AVAILABLE DATA
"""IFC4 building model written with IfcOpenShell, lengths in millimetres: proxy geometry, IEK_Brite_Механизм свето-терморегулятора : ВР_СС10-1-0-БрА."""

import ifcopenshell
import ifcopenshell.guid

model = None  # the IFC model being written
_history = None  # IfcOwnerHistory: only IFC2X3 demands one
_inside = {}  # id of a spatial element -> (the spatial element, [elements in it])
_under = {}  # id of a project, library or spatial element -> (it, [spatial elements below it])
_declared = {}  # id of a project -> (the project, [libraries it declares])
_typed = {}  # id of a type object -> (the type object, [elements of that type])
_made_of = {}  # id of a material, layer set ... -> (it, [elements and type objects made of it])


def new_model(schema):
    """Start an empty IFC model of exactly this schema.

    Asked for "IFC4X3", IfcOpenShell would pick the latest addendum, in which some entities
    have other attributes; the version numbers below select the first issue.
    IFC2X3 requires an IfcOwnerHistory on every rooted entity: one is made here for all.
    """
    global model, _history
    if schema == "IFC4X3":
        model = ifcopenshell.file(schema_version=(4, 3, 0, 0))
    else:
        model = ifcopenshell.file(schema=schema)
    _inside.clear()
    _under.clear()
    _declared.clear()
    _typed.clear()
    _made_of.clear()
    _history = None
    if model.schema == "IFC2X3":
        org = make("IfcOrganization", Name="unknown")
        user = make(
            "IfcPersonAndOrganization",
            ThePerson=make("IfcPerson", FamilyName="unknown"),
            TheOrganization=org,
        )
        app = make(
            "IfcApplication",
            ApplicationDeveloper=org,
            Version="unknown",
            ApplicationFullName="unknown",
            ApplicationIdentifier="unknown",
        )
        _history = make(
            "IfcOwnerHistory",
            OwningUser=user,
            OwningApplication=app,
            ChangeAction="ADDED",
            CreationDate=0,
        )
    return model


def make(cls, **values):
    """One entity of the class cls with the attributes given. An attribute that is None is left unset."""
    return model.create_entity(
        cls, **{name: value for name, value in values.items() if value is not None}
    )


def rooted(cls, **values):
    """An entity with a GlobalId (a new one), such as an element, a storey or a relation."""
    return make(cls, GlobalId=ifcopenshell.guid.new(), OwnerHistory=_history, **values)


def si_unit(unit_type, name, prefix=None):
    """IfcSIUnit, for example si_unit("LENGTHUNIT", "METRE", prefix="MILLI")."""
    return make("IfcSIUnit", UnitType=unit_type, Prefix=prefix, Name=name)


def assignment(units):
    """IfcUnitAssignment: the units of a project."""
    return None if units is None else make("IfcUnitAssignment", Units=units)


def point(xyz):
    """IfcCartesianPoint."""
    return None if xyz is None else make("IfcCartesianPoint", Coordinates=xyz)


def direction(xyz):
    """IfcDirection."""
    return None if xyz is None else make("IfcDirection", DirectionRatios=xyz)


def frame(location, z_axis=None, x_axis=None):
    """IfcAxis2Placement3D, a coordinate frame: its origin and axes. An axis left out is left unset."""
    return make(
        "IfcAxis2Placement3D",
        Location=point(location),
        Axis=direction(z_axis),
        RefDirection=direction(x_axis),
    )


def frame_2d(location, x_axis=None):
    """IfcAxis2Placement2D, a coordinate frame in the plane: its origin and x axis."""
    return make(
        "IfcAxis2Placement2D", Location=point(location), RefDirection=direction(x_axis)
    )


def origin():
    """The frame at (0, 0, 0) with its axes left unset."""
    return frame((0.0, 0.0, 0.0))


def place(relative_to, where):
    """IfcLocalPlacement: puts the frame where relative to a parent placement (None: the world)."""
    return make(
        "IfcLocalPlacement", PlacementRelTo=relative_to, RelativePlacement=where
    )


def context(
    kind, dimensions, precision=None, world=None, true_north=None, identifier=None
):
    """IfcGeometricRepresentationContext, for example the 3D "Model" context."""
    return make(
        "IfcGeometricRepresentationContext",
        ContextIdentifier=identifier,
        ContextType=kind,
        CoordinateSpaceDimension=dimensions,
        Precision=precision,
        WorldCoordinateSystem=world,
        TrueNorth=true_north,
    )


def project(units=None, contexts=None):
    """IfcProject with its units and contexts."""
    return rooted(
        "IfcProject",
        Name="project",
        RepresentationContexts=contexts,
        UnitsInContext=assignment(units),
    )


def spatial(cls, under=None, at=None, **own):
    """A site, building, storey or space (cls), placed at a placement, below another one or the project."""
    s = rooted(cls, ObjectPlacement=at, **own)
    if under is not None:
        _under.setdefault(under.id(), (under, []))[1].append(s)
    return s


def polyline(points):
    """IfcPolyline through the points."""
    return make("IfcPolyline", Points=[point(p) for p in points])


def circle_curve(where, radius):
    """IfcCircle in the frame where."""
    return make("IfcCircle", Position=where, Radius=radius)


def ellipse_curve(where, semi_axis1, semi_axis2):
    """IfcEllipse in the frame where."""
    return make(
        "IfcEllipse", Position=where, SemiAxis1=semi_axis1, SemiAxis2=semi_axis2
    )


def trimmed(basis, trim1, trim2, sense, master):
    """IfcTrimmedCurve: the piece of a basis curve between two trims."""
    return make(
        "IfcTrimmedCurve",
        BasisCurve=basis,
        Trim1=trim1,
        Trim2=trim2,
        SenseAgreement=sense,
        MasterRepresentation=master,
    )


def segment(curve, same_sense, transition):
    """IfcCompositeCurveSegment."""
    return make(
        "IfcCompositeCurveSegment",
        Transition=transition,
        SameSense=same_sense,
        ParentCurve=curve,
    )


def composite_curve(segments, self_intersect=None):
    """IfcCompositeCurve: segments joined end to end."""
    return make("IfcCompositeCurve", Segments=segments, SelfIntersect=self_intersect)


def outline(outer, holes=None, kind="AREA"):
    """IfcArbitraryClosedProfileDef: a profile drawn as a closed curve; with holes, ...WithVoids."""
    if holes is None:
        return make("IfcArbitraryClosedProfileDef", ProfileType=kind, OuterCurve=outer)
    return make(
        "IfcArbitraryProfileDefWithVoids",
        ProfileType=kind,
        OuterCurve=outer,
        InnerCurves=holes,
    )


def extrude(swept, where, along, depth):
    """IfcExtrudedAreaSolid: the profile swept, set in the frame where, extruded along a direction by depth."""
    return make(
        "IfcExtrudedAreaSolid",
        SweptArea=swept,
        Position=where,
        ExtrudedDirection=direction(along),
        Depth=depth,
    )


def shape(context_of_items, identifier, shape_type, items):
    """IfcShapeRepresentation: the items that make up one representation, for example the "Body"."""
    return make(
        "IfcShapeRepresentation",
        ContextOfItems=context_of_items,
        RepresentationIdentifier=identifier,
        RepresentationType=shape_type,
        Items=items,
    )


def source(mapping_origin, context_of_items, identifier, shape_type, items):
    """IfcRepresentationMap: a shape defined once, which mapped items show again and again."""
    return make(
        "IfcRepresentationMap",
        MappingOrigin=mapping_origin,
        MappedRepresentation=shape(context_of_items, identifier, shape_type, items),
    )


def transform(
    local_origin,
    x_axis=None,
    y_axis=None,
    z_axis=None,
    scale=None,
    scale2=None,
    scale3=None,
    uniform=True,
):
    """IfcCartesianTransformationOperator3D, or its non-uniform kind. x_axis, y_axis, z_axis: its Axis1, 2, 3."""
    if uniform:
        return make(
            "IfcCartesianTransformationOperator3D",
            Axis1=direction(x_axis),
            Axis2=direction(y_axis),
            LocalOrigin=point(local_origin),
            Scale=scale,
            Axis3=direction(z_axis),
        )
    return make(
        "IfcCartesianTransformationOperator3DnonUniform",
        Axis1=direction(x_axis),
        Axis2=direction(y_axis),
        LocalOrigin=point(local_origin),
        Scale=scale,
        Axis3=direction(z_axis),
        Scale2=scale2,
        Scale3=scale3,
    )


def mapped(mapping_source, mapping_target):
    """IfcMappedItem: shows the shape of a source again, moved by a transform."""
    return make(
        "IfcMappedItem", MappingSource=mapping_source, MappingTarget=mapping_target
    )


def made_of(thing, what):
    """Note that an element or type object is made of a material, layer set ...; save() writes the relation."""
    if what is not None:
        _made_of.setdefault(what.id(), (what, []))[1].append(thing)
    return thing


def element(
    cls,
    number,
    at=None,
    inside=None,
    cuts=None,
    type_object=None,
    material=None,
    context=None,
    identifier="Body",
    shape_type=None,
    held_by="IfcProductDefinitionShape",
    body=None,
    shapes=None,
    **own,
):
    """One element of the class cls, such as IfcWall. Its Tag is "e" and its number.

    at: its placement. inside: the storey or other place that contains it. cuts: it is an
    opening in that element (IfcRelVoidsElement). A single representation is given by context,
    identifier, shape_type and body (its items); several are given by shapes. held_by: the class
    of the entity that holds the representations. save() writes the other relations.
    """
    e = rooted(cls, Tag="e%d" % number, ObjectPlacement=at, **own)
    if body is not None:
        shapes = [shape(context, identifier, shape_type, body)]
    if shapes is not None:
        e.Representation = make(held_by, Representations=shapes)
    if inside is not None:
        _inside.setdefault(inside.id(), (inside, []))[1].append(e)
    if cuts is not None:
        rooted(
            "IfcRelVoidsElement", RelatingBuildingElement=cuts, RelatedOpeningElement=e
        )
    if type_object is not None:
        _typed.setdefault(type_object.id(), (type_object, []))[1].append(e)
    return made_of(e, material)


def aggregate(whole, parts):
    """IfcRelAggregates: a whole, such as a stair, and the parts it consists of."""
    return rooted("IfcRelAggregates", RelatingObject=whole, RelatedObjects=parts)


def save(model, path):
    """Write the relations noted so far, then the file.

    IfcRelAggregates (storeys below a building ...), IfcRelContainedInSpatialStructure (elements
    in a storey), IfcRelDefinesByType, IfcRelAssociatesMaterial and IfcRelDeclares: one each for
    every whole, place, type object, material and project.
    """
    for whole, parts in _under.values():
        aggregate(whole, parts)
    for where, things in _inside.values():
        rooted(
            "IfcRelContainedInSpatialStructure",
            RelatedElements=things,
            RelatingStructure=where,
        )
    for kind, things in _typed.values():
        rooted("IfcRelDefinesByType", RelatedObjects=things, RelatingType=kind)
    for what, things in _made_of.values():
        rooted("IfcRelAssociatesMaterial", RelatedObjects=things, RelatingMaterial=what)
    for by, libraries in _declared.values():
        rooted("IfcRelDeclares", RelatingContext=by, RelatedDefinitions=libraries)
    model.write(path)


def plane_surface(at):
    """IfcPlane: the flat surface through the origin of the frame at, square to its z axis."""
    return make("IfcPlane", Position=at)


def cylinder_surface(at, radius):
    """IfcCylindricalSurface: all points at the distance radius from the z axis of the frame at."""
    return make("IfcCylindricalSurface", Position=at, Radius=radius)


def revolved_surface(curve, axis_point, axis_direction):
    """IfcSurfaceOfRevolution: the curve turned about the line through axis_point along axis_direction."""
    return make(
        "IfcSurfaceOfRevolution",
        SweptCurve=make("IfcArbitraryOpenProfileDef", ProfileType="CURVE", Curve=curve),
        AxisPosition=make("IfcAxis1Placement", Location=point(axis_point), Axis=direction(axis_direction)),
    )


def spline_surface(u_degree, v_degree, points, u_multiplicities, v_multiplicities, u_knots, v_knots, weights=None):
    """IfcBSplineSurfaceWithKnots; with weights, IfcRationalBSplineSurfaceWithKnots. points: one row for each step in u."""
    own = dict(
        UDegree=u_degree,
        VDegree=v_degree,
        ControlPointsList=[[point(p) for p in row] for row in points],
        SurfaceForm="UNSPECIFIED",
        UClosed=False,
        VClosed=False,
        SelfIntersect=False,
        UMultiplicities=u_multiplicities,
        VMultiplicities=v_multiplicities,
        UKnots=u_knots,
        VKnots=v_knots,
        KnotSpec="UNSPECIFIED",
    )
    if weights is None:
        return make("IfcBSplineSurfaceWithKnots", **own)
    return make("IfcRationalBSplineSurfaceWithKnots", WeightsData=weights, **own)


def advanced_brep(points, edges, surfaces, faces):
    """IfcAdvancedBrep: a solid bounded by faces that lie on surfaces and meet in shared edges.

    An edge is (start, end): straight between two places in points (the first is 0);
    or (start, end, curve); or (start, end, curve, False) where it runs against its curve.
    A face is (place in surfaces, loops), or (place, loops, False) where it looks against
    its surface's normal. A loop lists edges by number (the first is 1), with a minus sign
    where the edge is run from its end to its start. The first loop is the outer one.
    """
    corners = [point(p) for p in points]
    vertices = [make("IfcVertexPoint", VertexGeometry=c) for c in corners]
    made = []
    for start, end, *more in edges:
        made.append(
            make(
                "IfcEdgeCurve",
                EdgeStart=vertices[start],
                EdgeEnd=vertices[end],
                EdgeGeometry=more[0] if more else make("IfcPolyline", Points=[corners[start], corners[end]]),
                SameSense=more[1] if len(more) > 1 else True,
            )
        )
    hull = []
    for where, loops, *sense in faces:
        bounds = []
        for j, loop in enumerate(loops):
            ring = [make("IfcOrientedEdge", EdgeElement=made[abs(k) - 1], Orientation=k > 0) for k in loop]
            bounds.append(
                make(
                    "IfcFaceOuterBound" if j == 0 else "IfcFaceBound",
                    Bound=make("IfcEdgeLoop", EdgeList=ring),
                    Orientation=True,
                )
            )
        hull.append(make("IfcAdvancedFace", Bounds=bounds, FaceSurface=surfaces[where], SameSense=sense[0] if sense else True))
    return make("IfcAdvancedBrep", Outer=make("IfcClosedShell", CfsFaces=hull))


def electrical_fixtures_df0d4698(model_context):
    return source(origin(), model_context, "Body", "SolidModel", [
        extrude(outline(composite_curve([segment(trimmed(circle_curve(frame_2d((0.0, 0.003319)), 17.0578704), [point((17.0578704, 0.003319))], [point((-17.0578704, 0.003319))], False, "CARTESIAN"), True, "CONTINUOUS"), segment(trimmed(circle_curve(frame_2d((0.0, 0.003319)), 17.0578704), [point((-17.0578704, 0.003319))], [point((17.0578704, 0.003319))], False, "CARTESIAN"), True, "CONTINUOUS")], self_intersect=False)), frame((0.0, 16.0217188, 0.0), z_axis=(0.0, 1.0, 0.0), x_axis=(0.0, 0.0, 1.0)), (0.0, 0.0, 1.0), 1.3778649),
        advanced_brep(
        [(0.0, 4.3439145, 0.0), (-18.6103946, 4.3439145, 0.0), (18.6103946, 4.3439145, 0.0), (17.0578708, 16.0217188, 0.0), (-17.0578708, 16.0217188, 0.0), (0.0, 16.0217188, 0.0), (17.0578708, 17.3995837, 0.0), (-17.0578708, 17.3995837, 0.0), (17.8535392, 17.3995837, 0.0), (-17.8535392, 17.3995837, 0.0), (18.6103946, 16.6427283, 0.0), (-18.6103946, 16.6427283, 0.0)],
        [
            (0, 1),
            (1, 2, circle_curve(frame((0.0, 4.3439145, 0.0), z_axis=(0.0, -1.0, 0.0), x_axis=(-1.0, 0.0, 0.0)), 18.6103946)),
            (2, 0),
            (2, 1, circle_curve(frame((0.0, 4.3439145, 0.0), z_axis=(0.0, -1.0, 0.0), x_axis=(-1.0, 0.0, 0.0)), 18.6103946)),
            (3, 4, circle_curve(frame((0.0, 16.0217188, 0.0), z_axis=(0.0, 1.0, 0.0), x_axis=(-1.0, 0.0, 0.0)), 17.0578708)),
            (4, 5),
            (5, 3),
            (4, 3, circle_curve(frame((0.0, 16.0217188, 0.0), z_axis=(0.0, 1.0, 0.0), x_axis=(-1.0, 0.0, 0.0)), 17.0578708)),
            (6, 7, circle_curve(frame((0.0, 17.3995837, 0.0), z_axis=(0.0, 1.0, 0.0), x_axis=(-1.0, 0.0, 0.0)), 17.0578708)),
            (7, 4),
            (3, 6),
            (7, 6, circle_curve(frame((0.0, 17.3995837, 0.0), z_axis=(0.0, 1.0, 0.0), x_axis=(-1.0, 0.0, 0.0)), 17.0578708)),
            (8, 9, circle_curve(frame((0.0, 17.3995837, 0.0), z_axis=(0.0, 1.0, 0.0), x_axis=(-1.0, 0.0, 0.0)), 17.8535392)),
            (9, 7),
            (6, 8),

WHAT THE EXERCISE ASKS
Tell how many lines of the entries above include "transition". The answer should be the number and nothing more.

REPLY
2